Estaban presentando un museo, el
Gran Museo de la Ciudad, especializado en esa larga época que enlazaba la Edad
Media con la Contemporaneidad. El locutor preguntaba a una chica, vestida de
verano, de yukata, azul, rameada, de algodón. Hacía bella a la muchacha que ya
era bella de por sí. Lindamente maquillada y recogido el pelo en un moño no
demasiado elevado.
Las resonancias sensuales de su
mirada, del peinado, de la figura moviéndose en la pantalla eran como para
dejar turulato a cualquiera.
De pronto dio un repingo en la
silla. ¡Era ella! Sí, era la misma chica que le había guiado por el museo
dándole tan estupendas explicaciones. Ahora lo entendía todo. Se había
lindamente burlado de él. Había sido una burla simpática, por lo que no se lo
tomó a mal. Al contrario. Le empezaron a fluir, mientras veía el programa, las
imágenes de ese día. Ella no era nada más que una visitante como él en el
museo.
La canícula de verano se iba
acercando. El calor era intenso, lo que unido a la humedad del tiempo de lluvía
hacía que los días y las noches fueran poco menos que insoportables.
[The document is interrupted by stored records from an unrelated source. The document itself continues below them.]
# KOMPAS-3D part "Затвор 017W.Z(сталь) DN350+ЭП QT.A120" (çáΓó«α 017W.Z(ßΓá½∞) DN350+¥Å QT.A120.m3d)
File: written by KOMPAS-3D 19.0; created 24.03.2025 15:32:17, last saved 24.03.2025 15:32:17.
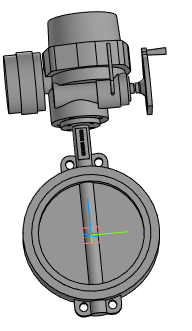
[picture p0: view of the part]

Document properties: Полное имя файла: Затвор 017W.Z(сталь) DN350+ЭП QT.A120.a3d

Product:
- Part/product: Затвор 017W.Z(сталь) DN350+ЭП QT.A120
    Масса: 196.263

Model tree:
1. Операция без истории:1

La noche anterior había dormido
poco. Se le ocurrió la idea, maldita, pensó en algún momento, de empezar a leer
un libro cuyo título era “Una noche en el Museo del Prado”. El visitante del
museo se había quedado dormido en un rincón y cuando se despertó ya estaba
cerrado. Se dispuso a pasar la noche allí cuando las figuras de los cuadros
empezaron a hablar entre ellas, de cuadro a cuadro, incluso salían de los
mismos para darse un paseo por el museo.
Ante tan singular espectáculo, el
espectador pasó toda la noche en vela y el lector también. Al día siguiente
tenía que levantarse con las gallinas. El sueño le hacía arrastrar los pies,
pero no estaba el horno para bollos. Quedarse dormido podía significar tener
que hacer más de un ayuno.
Cumplió y se fue a trabajar. El tema
de la clase del día era el clima y su influencia en la vida diaria:
Alimentación, vestido, agricultura y un largo etc., del que muchas veces nadie
era consciente.
Tuvo que arrearse más de un pellizco
para no quedarse dormido. Terminó a mediodía, comió algo y se fue camino del
pluriempleo.
El cansancio pudo con él. Se quedó
dormido y se pasó de estación. Cuando despertó estaba en una estación en la que
nunca había estado. Le sonaba por los luchadores de sumo y cosas así. Además
sabía que por allí estaba el Museo de la Edad Media, o como se llamase.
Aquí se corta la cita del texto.